- Directed by: Gerald Potterton
- Written by: Jerome Chodorov Donald Brittain Gerald Potterton
- Produced by: Gerald Potterton
- Starring: Barry Baldaro Gay Claitman Patrick Conlon Peter Cullen Jean Shepherd Joan Stuart Ted Zeigler
- Cinematography: Gennadi Tsekavyj Viktor Yakushev
- Edited by: Peter Hearn
- Music by: Jerry Blatt L. Burnstein
- Production company: Potterton Productions
- Release date: September 25, 1971;
- Running time: 71 minutes
- Country: Canada
- Language: English

= Tiki Tiki =

Tiki Tiki is a Canadian comedy film, directed by Gerald Potterton and released in 1971.

== Summary ==
Created by intercutting animated sequences with live-action footage from the Russian children's film Aybolit-66, the animated sequences tell the story of a group of monkeys who are working to produce a film, while the Aybolit-66 footage represents the film they are making in this psychedelic satire of 1970s Hollywood counterculture.

== Production ==
The film was inspired in part by Woody Allen's 1966 film What's Up, Tiger Lily?, which used original dialogue to recontextualize a foreign-language film.

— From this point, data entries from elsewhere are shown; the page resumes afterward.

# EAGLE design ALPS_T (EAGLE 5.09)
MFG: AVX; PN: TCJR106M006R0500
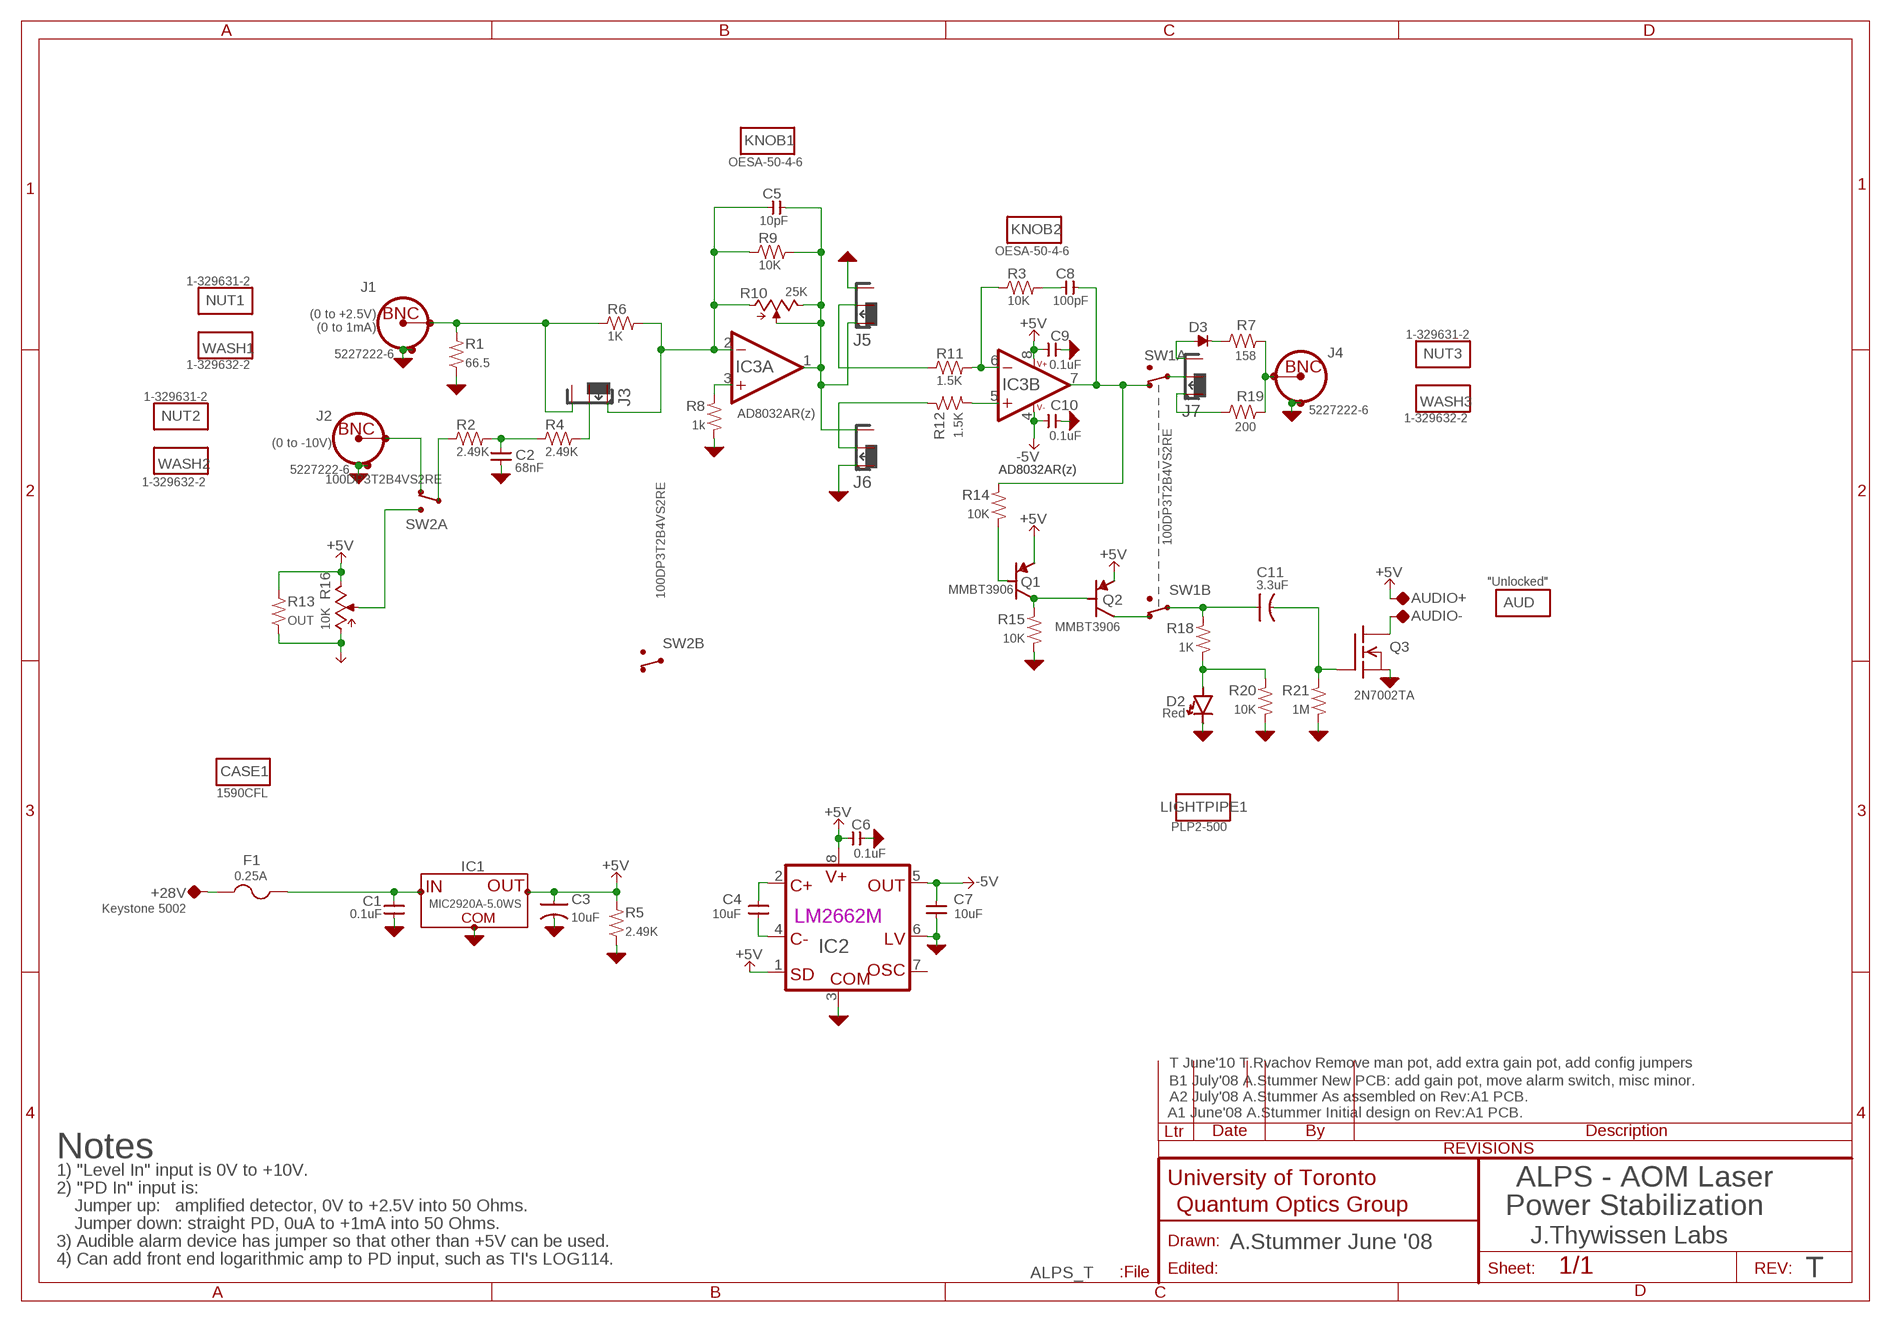
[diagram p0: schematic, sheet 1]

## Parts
+28V  Keystone 5002  TP-0.042B  [TP-0.042B]
AUD  "Unlocked"  MISC  [MISC]
AUDIO+  Keystone 5002  TP-0.042B  [TP-0.042B]
AUDIO-  Keystone 5002  TP-0.042B  [TP-0.042B]
C1  0.1uF  CAP-V-0805  [2012(0805)]
C2  68nF  CAP-V-0805  [2012(0805)]
C3  10uF  CAP-POL-1206  [3216(1206)]
C4  10uF  CAP-V-0805  [2012(0805)]
C5  10pF  CAP-H-0805  [2012(0805)]
C6  0.1uF  CAP-H-0805  [2012(0805)]
C7  10uF  CAP-V-0805  [2012(0805)]
C8  100pF  CAP-H-0805  [2012(0805)]
C9  0.1uF  CAP-H-0805  [2012(0805)]
C10  0.1uF  CAP-H-0805  [2012(0805)]
C11  3.3uF  CAP-POL-0805  [2012(0805)]
CASE1  1590CFL  MISC  [MISC]
D2  Red  LED-1209  [1209]
D3  DIODE,GENERIC-SOD123  [SOD123]
F1  0.25A  FUSE-5X20-4  [FUSE]
IC1  MIC2920A-5.0WS  78-SOT223  [SOT223]
IC2  LM2662M  LM2663M  [SOIC-8]
IC3  AD8032AR(z)  OPAMP_DUAL-SOIC8  [SOIC-8]
J1  5227222-6  CONN-BNC-TYPE1VERT  [CONN-BNC-AMP-TYPE1VERT]
J2  5227222-6  CONN-BNC-TYPE1VERT  [CONN-BNC-AMP-TYPE1VERT]
J3  JUMPER-1X3-3  [JUMPER-3]
J4  5227222-6  CONN-BNC-TYPE1VERT  [CONN-BNC-AMP-TYPE1VERT]
J5  JUMPER-1X3-3  [JUMPER-3]
J6  JUMPER-1X3-3  [JUMPER-3]
J7  JUMPER-1X3-3  [JUMPER-3]
KNOB1  OESA-50-4-6  MISC  [MISC]
KNOB2  OESA-50-4-6  MISC  [MISC]
LIGHTPIPE1  PLP2-500  MISC  [MISC]
NUT1  1-329631-2  MISC  [MISC]
NUT2  1-329631-2  MISC  [MISC]
NUT3  1-329631-2  MISC  [MISC]
Q1  MMBT3906  BJT-PNP-SOT23  [SOT23@1]
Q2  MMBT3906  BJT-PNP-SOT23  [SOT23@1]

The film's voice cast included Barry Baldaro, Gay Claitman, Patrick Conlon, Peter Cullen, Jean Shepherd, Joan Stuart and Ted Zeigler.

During the film's promotion, Potterton acknowledged that it was a challenging film to market, as his production company wasn't sure whether to aim it at "kids or stoned teenagers or whatever", and has referred to the finished product as "a cross between a whacked out animated version of Easy Rider and the Olsen and Johnson musical Hellzapoppin'".

== Reception and legacy ==
Aleksandr Kuznetsov, the production designer of Aybolit-66, was named the winner of the Canadian Film Award for Best Art Direction/Production Design at the 23rd Canadian Film Awards.

In 2023, Telefilm Canada announced that Tiki Tiki was one of 23 titles that would be digitally restored under its new Canadian Cinema Reignited program to preserve classic Canadian films.

The film was released on Blu-ray by Vinegar Syndrome under the Canadian International Pictures label on August 25, 2026.